- **About this exercise**:
Reproduce exactly, from the data that follows, the line with "#783 = CARTESIAN_POINT", the line with "#959 = VERTEX_POINT ( 'NONE', #1909 ) ;", and every line that lies between them.

=== Data for analysis ===

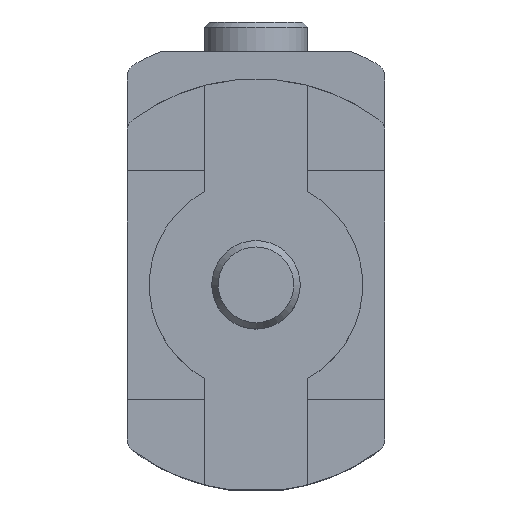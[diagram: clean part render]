
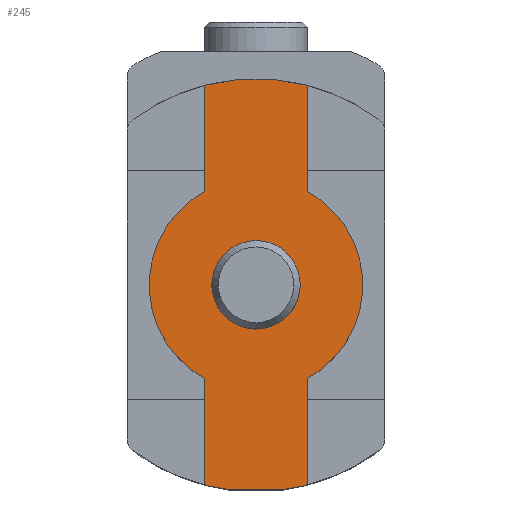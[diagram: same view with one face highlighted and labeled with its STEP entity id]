
A CAD part, top view. The second image highlights one B-rep face of the part: STEP entity #245.
In plain terms, the highlighted planar face has unit normal (0, 0, 1).
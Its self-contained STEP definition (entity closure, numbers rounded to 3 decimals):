
#9 = EDGE_CURVE ( 'NONE', #540, #842, #1641, .T. ) ;
#26 = CARTESIAN_POINT ( 'NONE',  ( -7., 12.698, 45.5 ) ) ;
#35 = CIRCLE ( 'NONE', #1151, 14.5 ) ;
#45 = DIRECTION ( 'NONE',  ( 0., -1., 0. ) ) ;
#54 = EDGE_CURVE ( 'NONE', #831, #888, #785, .T. ) ;
#150 = ORIENTED_EDGE ( 'NONE', *, *, #850, .F. ) ;
#151 = CARTESIAN_POINT ( 'NONE',  ( -3.733, -27.75, 45.5 ) ) ;
#199 = CARTESIAN_POINT ( 'NONE',  ( 7., 27.111, 45.5 ) ) ;
#237 = ORIENTED_EDGE ( 'NONE', *, *, #768, .T. ) ;
#245 = ADVANCED_FACE ( 'NONE', ( #483, #804 ), #351, .T. ) ;
#252 = VECTOR ( 'NONE', #1815, 1000. ) ;
#279 = CARTESIAN_POINT ( 'NONE',  ( 0., 0., 45.5 ) ) ;
#294 = CARTESIAN_POINT ( 'NONE',  ( 3.733, -27.75, 45.5 ) ) ;
#346 = LINE ( 'NONE', #616, #1734 ) ;
#351 = PLANE ( 'NONE',  #1274 ) ;
#364 = LINE ( 'NONE', #948, #1175 ) ;
#404 = AXIS2_PLACEMENT_3D ( 'NONE', #449, #1677, #1227 ) ;
#436 = CIRCLE ( 'NONE', #1342, 5. ) ;
#446 = ORIENTED_EDGE ( 'NONE', *, *, #1791, .T. ) ;
#449 = CARTESIAN_POINT ( 'NONE',  ( 0., 0., 45.5 ) ) ;
#483 = FACE_BOUND ( 'NONE', #1313, .T. ) ;
#487 = DIRECTION ( 'NONE',  ( 0., 0., 1. ) ) ;
#503 = CIRCLE ( 'NONE', #1310, 28. ) ;
#522 = CARTESIAN_POINT ( 'NONE',  ( -7., -27.111, 45.5 ) ) ;
#534 = ORIENTED_EDGE ( 'NONE', *, *, #54, .T. ) ;
#540 = VERTEX_POINT ( 'NONE', #294 ) ;
#579 = DIRECTION ( 'NONE',  ( 1., 0., 0. ) ) ;
#614 = EDGE_CURVE ( 'NONE', #861, #1255, #503, .T. ) ;
#616 = CARTESIAN_POINT ( 'NONE',  ( 7., -27.111, 45.5 ) ) ;
#632 = DIRECTION ( 'NONE',  ( 0., 0., 1. ) ) ;
#646 = VERTEX_POINT ( 'NONE', #1934 ) ;
#666 = ORIENTED_EDGE ( 'NONE', *, *, #1106, .T. ) ;
#708 = ORIENTED_EDGE ( 'NONE', *, *, #1469, .T. ) ;
#721 = CIRCLE ( 'NONE', #1799, 14.5 ) ;
#768 = EDGE_CURVE ( 'NONE', #1759, #646, #721, .T. ) ;
#783 = CARTESIAN_POINT ( 'NONE',  ( -7., 27.111, 45.5 ) ) ;
#785 = CIRCLE ( 'NONE', #404, 28. ) ;
#804 = FACE_OUTER_BOUND ( 'NONE', #1849, .T. ) ;
#831 = VERTEX_POINT ( 'NONE', #522 ) ;
#834 = CARTESIAN_POINT ( 'NONE',  ( 7., -27.111, 45.5 ) ) ;
#842 = VERTEX_POINT ( 'NONE', #834 ) ;
#845 = VERTEX_POINT ( 'NONE', #1741 ) ;
#850 = EDGE_CURVE ( 'NONE', #845, #845, #436, .T. ) ;
#861 = VERTEX_POINT ( 'NONE', #199 ) ;
#867 = EDGE_CURVE ( 'NONE', #646, #861, #1445, .T. ) ;
#888 = VERTEX_POINT ( 'NONE', #974 ) ;
#948 = CARTESIAN_POINT ( 'NONE',  ( -7., -27.111, 45.5 ) ) ;
#953 = DIRECTION ( 'NONE',  ( 1., 0., 0. ) ) ;
#959 = VERTEX_POINT ( 'NONE', #1909 ) ;
#967 = DIRECTION ( 'NONE',  ( 0., 1., 0. ) ) ;
#974 = CARTESIAN_POINT ( 'NONE',  ( -3.733, -27.75, 45.5 ) ) ;
#1040 = DIRECTION ( 'NONE',  ( 1., 0., 0. ) ) ;
#1088 = ORIENTED_EDGE ( 'NONE', *, *, #1629, .T. ) ;
#1106 = EDGE_CURVE ( 'NONE', #888, #540, #1388, .T. ) ;
#1130 = CARTESIAN_POINT ( 'NONE',  ( 7., 12.698, 45.5 ) ) ;
#1134 = DIRECTION ( 'NONE',  ( 1., 0., 0. ) ) ;
#1148 = AXIS2_PLACEMENT_3D ( 'NONE', #1847, #1867, #1386 ) ;
#1151 = AXIS2_PLACEMENT_3D ( 'NONE', #279, #1965, #1794 ) ;
#1175 = VECTOR ( 'NONE', #45, 1000. ) ;
#1192 = CARTESIAN_POINT ( 'NONE',  ( 0., 0., 45.5 ) ) ;
#1225 = ORIENTED_EDGE ( 'NONE', *, *, #9, .T. ) ;
#1227 = DIRECTION ( 'NONE',  ( 1., 0., 0. ) ) ;
#1255 = VERTEX_POINT ( 'NONE', #783 ) ;
#1274 = AXIS2_PLACEMENT_3D ( 'NONE', #1393, #632, #1134 ) ;
#1310 = AXIS2_PLACEMENT_3D ( 'NONE', #1348, #1812, #1040 ) ;
#1313 = EDGE_LOOP ( 'NONE', ( #150 ) ) ;
#1342 = AXIS2_PLACEMENT_3D ( 'NONE', #1879, #487, #953 ) ;
#1348 = CARTESIAN_POINT ( 'NONE',  ( 0., 0., 45.5 ) ) ;
#1350 = CARTESIAN_POINT ( 'NONE',  ( -7., 12.698, 45.5 ) ) ;
#1370 = LINE ( 'NONE', #1350, #252 ) ;
#1386 = DIRECTION ( 'NONE',  ( 1., 0., 0. ) ) ;
#1388 = LINE ( 'NONE', #151, #1640 ) ;
#1393 = CARTESIAN_POINT ( 'NONE',  ( 0., 0., 45.5 ) ) ;
#1413 = DIRECTION ( 'NONE',  ( 0., 1., 0. ) ) ;
#1428 = ORIENTED_EDGE ( 'NONE', *, *, #614, .T. ) ;
#1445 = LINE ( 'NONE', #1130, #1760 ) ;
#1469 = EDGE_CURVE ( 'NONE', #1899, #959, #35, .T. ) ;
#1542 = DIRECTION ( 'NONE',  ( 1., 0., 0. ) ) ;
#1615 = ORIENTED_EDGE ( 'NONE', *, *, #867, .T. ) ;
#1629 = EDGE_CURVE ( 'NONE', #959, #831, #364, .T. ) ;
#1640 = VECTOR ( 'NONE', #1542, 1000. ) ;
#1641 = CIRCLE ( 'NONE', #1148, 28. ) ;
#1677 = DIRECTION ( 'NONE',  ( 0., 0., 1. ) ) ;
#1734 = VECTOR ( 'NONE', #967, 1000. ) ;
#1741 = CARTESIAN_POINT ( 'NONE',  ( 5., 0., 45.5 ) ) ;
#1759 = VERTEX_POINT ( 'NONE', #1831 ) ;
#1760 = VECTOR ( 'NONE', #1413, 1000. ) ;
#1791 = EDGE_CURVE ( 'NONE', #1255, #1899, #1370, .T. ) ;
#1794 = DIRECTION ( 'NONE',  ( 1., 0., 0. ) ) ;
#1799 = AXIS2_PLACEMENT_3D ( 'NONE', #1192, #1811, #579 ) ;
#1811 = DIRECTION ( 'NONE',  ( 0., 0., 1. ) ) ;
#1812 = DIRECTION ( 'NONE',  ( 0., 0., 1. ) ) ;
#1815 = DIRECTION ( 'NONE',  ( 0., -1., 0. ) ) ;
#1831 = CARTESIAN_POINT ( 'NONE',  ( 7., -12.698, 45.5 ) ) ;
#1847 = CARTESIAN_POINT ( 'NONE',  ( 0., 0., 45.5 ) ) ;
#1849 = EDGE_LOOP ( 'NONE', ( #708, #1088, #534, #666, #1225, #1958, #237, #1615, #1428, #446 ) ) ;
#1867 = DIRECTION ( 'NONE',  ( 0., 0., 1. ) ) ;
#1879 = CARTESIAN_POINT ( 'NONE',  ( 0., 0., 45.5 ) ) ;
#1899 = VERTEX_POINT ( 'NONE', #26 ) ;
#1909 = CARTESIAN_POINT ( 'NONE',  ( -7., -12.698, 45.5 ) ) ;
#1934 = CARTESIAN_POINT ( 'NONE',  ( 7., 12.698, 45.5 ) ) ;
#1958 = ORIENTED_EDGE ( 'NONE', *, *, #1964, .T. ) ;
#1964 = EDGE_CURVE ( 'NONE', #842, #1759, #346, .T. ) ;
#1965 = DIRECTION ( 'NONE',  ( 0., 0., 1. ) ) ;

===

- **Result of the exercise**:
#783 = CARTESIAN_POINT ( 'NONE',  ( -7., 27.111, 45.5 ) ) ;
#785 = CIRCLE ( 'NONE', #404, 28. ) ;
#804 = FACE_OUTER_BOUND ( 'NONE', #1849, .T. ) ;
#831 = VERTEX_POINT ( 'NONE', #522 ) ;
#834 = CARTESIAN_POINT ( 'NONE',  ( 7., -27.111, 45.5 ) ) ;
#842 = VERTEX_POINT ( 'NONE', #834 ) ;
#845 = VERTEX_POINT ( 'NONE', #1741 ) ;
#850 = EDGE_CURVE ( 'NONE', #845, #845, #436, .T. ) ;
#861 = VERTEX_POINT ( 'NONE', #199 ) ;
#867 = EDGE_CURVE ( 'NONE', #646, #861, #1445, .T. ) ;
#888 = VERTEX_POINT ( 'NONE', #974 ) ;
#948 = CARTESIAN_POINT ( 'NONE',  ( -7., -27.111, 45.5 ) ) ;
#953 = DIRECTION ( 'NONE',  ( 1., 0., 0. ) ) ;
#959 = VERTEX_POINT ( 'NONE', #1909 ) ;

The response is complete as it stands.